* [Task objective] What lines in the records below hold the string "table"? Please show them.

****************

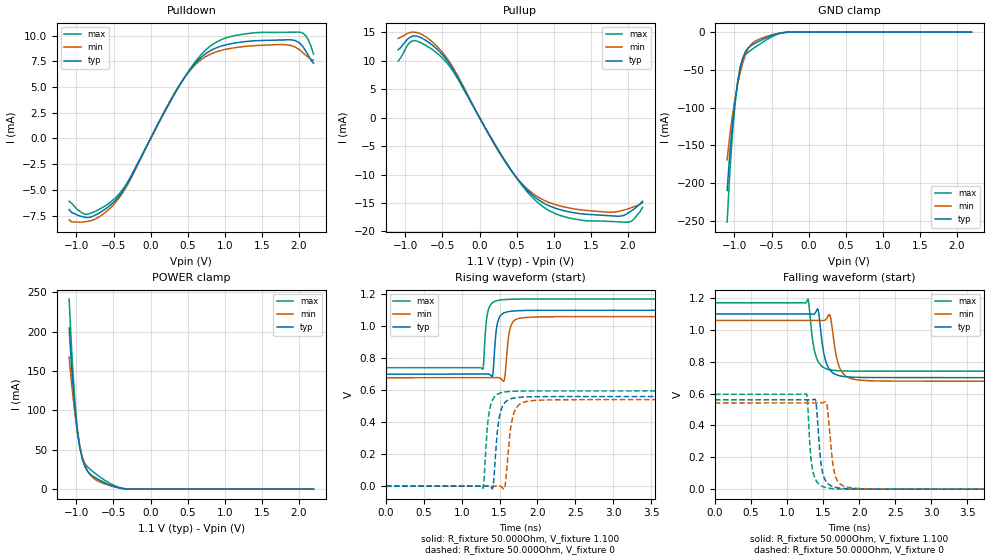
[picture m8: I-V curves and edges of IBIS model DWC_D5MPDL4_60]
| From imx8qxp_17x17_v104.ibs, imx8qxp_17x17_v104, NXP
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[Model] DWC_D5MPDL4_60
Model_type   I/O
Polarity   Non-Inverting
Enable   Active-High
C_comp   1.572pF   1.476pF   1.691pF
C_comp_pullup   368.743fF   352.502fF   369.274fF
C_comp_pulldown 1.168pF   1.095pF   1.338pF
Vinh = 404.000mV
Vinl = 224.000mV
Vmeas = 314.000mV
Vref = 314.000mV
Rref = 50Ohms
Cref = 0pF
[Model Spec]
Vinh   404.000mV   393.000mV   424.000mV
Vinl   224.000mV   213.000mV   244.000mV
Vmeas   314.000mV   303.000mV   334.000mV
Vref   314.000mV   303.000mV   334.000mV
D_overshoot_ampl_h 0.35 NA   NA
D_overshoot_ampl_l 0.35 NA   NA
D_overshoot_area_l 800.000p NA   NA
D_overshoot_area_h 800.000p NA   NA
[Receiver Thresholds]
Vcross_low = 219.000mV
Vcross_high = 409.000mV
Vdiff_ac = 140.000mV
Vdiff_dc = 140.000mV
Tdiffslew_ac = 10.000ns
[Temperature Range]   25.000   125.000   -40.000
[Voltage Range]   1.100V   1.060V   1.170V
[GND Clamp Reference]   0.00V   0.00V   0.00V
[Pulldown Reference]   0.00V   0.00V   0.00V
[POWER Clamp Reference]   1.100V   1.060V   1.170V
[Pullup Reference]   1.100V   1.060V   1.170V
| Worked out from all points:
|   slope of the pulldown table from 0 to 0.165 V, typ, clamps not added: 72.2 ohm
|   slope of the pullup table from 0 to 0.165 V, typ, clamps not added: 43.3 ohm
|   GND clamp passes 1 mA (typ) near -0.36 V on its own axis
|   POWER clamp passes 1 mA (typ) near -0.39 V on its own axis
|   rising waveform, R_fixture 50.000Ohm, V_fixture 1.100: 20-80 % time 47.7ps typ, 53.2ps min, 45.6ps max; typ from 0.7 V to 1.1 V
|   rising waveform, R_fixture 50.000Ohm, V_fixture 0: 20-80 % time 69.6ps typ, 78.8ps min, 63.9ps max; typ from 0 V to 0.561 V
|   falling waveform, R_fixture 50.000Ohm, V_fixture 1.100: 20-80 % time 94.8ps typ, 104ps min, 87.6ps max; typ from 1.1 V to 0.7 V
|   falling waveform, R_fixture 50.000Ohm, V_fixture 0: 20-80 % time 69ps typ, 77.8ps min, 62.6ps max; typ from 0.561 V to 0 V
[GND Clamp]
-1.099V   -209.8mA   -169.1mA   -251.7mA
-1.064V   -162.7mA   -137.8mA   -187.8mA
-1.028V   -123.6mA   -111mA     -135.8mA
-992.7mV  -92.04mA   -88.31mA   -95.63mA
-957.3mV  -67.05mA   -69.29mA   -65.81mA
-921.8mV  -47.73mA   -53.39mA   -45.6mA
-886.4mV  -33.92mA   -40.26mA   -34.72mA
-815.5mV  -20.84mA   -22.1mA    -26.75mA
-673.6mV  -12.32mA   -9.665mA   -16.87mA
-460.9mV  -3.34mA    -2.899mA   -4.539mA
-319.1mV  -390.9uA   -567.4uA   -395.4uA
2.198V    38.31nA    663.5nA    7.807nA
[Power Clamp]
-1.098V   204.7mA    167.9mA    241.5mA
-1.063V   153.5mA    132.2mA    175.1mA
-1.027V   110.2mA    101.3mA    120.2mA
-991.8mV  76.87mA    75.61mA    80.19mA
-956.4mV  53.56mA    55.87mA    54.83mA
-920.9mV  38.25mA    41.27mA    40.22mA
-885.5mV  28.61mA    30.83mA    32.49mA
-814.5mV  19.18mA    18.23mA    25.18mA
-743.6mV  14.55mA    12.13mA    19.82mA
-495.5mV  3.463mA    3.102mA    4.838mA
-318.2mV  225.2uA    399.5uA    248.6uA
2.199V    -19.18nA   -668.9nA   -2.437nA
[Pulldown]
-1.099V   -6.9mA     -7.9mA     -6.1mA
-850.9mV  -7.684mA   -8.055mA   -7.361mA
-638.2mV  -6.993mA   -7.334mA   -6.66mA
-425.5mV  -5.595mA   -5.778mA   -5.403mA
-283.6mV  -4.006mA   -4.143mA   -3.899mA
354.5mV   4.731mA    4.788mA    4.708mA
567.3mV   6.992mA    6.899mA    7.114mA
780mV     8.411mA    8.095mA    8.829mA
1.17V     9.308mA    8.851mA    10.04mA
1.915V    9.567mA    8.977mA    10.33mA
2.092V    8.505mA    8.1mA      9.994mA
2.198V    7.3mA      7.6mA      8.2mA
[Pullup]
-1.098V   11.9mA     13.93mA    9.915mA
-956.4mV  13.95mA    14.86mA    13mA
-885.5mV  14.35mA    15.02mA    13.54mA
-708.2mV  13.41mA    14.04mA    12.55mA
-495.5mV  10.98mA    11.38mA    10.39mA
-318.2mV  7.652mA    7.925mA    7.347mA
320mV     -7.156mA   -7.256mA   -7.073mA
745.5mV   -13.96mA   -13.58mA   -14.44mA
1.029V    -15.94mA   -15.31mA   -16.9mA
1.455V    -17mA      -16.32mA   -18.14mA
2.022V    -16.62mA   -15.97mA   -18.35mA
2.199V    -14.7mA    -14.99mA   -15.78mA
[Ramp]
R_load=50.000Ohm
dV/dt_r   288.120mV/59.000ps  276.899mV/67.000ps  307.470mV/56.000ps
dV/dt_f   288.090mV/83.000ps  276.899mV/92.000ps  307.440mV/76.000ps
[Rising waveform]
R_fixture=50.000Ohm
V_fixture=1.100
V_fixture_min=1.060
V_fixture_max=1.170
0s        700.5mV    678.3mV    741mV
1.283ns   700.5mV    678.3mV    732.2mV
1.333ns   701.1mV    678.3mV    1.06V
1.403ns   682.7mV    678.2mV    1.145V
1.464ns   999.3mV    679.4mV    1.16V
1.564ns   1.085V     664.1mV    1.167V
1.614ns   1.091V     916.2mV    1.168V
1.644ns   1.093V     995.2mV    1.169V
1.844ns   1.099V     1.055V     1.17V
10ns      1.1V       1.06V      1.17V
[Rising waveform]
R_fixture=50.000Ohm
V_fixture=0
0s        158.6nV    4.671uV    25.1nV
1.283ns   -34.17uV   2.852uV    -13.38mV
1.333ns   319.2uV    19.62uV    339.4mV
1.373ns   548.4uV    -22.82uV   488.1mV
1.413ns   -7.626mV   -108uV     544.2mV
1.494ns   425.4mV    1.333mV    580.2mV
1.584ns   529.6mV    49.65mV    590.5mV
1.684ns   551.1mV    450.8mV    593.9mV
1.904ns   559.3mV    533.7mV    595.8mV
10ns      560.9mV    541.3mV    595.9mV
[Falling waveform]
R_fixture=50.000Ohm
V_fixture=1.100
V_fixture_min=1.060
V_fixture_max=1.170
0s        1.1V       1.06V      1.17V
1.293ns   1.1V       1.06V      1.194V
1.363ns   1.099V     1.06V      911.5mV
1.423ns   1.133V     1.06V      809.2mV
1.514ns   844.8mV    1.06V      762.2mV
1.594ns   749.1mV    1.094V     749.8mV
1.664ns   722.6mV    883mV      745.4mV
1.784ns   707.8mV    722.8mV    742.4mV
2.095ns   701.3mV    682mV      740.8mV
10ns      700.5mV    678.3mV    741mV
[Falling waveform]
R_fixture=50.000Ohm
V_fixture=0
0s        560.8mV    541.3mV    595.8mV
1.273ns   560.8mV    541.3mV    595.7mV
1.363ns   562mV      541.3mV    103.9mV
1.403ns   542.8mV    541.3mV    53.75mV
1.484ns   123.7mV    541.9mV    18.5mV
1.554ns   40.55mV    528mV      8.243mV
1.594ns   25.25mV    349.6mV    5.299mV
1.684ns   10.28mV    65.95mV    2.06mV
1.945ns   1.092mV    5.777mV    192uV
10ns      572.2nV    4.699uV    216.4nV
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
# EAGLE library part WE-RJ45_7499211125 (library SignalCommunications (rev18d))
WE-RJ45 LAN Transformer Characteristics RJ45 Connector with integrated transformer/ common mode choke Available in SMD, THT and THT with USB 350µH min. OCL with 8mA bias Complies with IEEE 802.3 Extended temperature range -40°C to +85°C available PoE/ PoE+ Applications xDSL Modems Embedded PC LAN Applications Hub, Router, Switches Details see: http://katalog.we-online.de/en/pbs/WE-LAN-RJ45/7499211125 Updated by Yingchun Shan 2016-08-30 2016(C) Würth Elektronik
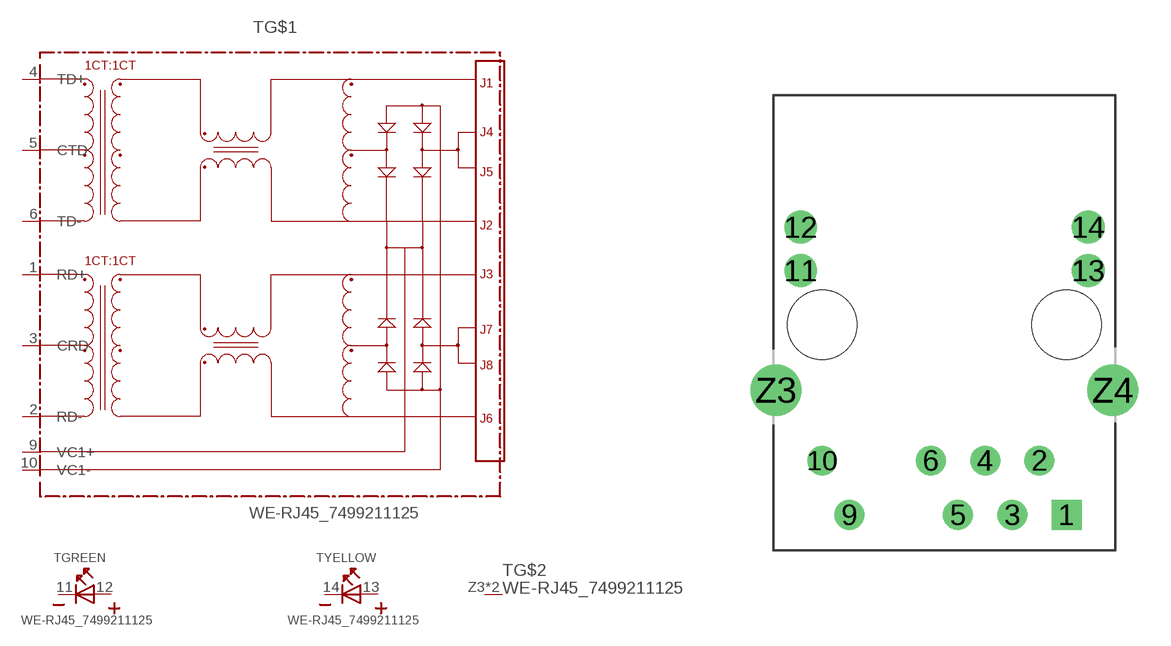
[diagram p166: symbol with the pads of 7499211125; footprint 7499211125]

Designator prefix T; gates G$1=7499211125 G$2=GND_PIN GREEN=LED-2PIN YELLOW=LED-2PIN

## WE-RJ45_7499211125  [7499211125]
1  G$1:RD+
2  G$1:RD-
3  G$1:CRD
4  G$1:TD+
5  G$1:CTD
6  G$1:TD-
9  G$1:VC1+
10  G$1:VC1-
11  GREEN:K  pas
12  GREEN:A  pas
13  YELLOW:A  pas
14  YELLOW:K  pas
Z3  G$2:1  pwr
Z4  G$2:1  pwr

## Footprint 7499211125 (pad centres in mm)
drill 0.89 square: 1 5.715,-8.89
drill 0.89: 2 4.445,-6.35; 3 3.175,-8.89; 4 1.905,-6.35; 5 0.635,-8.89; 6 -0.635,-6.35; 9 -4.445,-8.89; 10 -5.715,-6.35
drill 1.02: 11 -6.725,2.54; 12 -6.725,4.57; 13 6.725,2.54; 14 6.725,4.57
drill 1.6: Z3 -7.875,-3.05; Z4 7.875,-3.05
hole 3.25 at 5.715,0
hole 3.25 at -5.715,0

****************

* [Response for this exercise]
|   slope of the pulldown table from 0 to 0.165 V, typ, clamps not added: 72.2 ohm
|   slope of the pullup table from 0 to 0.165 V, typ, clamps not added: 43.3 ohm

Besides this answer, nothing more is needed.